P(Spam|message): 1.1174866026064603e-29
P(Ham|message): 6.731692841854824e-26
Label: Ham


**Test Model**

In [23]:
def classify_test_set(message):    
    '''
    message: a string
    '''
    
    message = re.sub('\W', ' ', message)
    message = message.lower().split()
    
    p_spam_given_message = p_spam
    p_ham_given_message = p_ham

    for word in message:
        if word in parameters_spam:
            p_spam_given_message *= parameters_spam[word]
            
        if word in parameters_ham:
            p_ham_given_message *= parameters_ham[word]
    
    if p_ham_given_message > p_spam_given_message:
        return 'ham'
    elif p_spam_given_message > p_ham_given_message:
        return 'spam'
    else:
        return 'needs human classification'

In [24]:
df_test['predicted'] = df_test['SMS'].apply(classify_test_set)
df_test.head()

Unnamed: 0,Label,SMS,predicted
0,ham,Wherre's my boytoy ? :-(,ham
1,ham,Later i guess.

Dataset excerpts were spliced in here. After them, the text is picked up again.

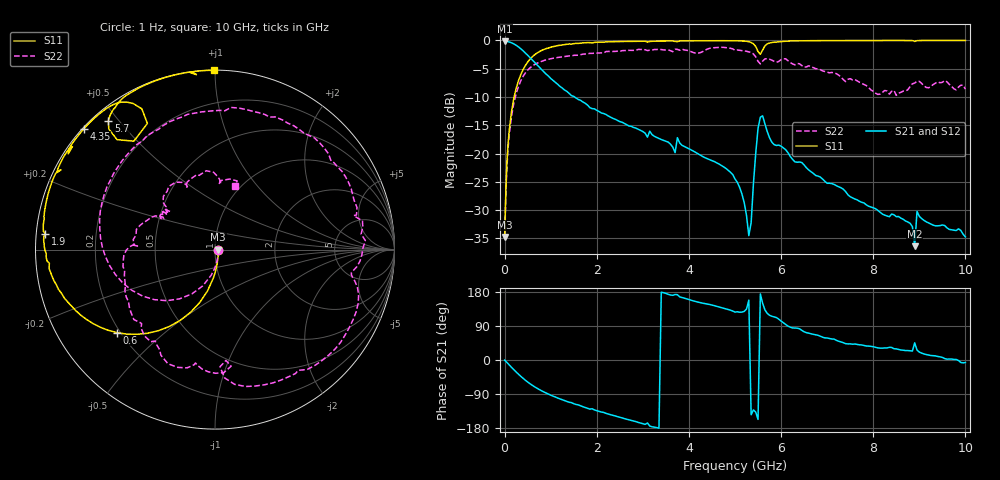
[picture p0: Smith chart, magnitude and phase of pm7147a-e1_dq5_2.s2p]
# GHz S DB R 50
! S-Parameters data
! Freq  dbS11  angS11  dbS21  angS21  dbS12  angS12  dbS22  angS22
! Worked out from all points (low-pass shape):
!   279 points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, 1 Hz to 10 GHz, reference 50 ohm
!   highest |S21| = -0.16 dB at 7.943 kHz (marker M1); lowest = -36.4 dB at 8.9 GHz (marker M2)
!   |S21| within 3 dB of the highest: start of sweep to 564.4 MHz
!   lowest |S11| = -34.8 dB at 7.943 kHz (marker M3), VSWR 1.04, Z = 51.9 - j0.00121 ohm
!   |S11| at or under -10 dB: start of sweep to 207.1 MHz
!   |S22| runs from -34.8 to -1.2 dB; largest |S21 - S12| = 1.7e-12
!   S11 on the Smith chart (normalised r, x): 1 Hz: 1.04, -0.00; 600 MHz: 0.19, -0.35; 1.9 GHz: 0.03, +0.05; 4.35 GHz: 0.00, +0.39; 5.7 GHz: 0.04, +0.47; 10 GHz: 0.00, +0.99
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1e-09  -34.76 -0.0  -0.16 0.0  -0.16 0.0  -34.76 -0.0
7.9433e-06  -34.76 -0.0  -0.16 -0.0  -0.16 -0.0  -34.76 -0.0
0.05011872  -21.72 -81.9  -0.19 -6.5  -0.19 -6.5  -22.46 -83.7
0.15  -12.58 -100.3  -0.42 -19.3  -0.42 -19.3  -13.40 -108.7
0.6  -2.90 -139.8  -3.46 -66.8  -3.46 -66.8  -4.53 -171.3
1.05  -1.09 -162.2  -7.07 -95.4  -7.07 -95.4  -3.15 149.9
1.7  -0.44 179.0  -10.89 -123.3  -10.89 -123.3  -2.43 109.6
1.9  -0.45 174.6  -12.06 -128.7  -12.06 -128.7  -2.28 98.0
2.55  -0.19 162.7  -14.47 -152.8  -14.47 -152.8  -1.81 65.6
3.35  -0.11 150.6  -17.33 -179.8  -17.33 -179.8  -1.59 26.5
4.35  -0.06 137.4  -20.74 148.8  -20.74 148.8  -1.73 -14.7
5.05  -0.07 127.8  -25.09 127.4  -25.09 127.4  -1.69 -57.1
5.3  -0.23 122.5  -34.51 157.9  -34.51 157.9  -2.02 -73.5
5.5  -1.97 118.2  -15.55 -156.7  -15.55 -156.7  -3.70 -87.6
5.7  -0.61 129.6  -16.12 123.1  -16.12 123.1  -3.23 -89.7
6.7  -0.04 115.6  -23.52 67.7  -23.52 67.7  -4.80 -146.0
7.65  -0.02 107.0  -28.18 41.0  -28.18 41.0  -7.15 162.1
8.35  -0.01 101.5  -31.17 33.5  -31.17 33.5  -9.50 143.7
8.8  -0.01 98.0  -32.33 24.4  -32.33 24.4  -8.15 137.7
8.9  -0.17 96.1  -36.38 45.3  -36.38 45.3  -7.53 129.5
8.95  -0.04 97.9  -30.21 26.2  -30.21 26.2  -7.21 126.1
10  -0.00 90.3  -34.73 -6.6  -34.73 -6.6  -8.61 72.2

I needa do mcat study too.,ham
2,ham,But i haf enuff space got like 4 mb...,ham
3,spam,Had your mobile 10 mths? Update to latest Oran...,spam
4,ham,All sounds good. Fingers . Makes it difficult ...,ham


In [30]:
correct = 0
total = df_test.shape[0]
    
for row in df_test.iterrows():
    row = row[1]
    if row['Label'] == row['predicted']:
        correct += 1
        
print('Correct:', correct)
print('Incorrect:', total - correct)
print('Accuracy:', round(100 * correct/total, 1), '%')

Correct: 1099
Incorrect: 16
Accuracy: 98.6 %


In this project we have used the Naive Bayes filter to create a model which is capable of identifying spam SMS with a 98.6% accuracy.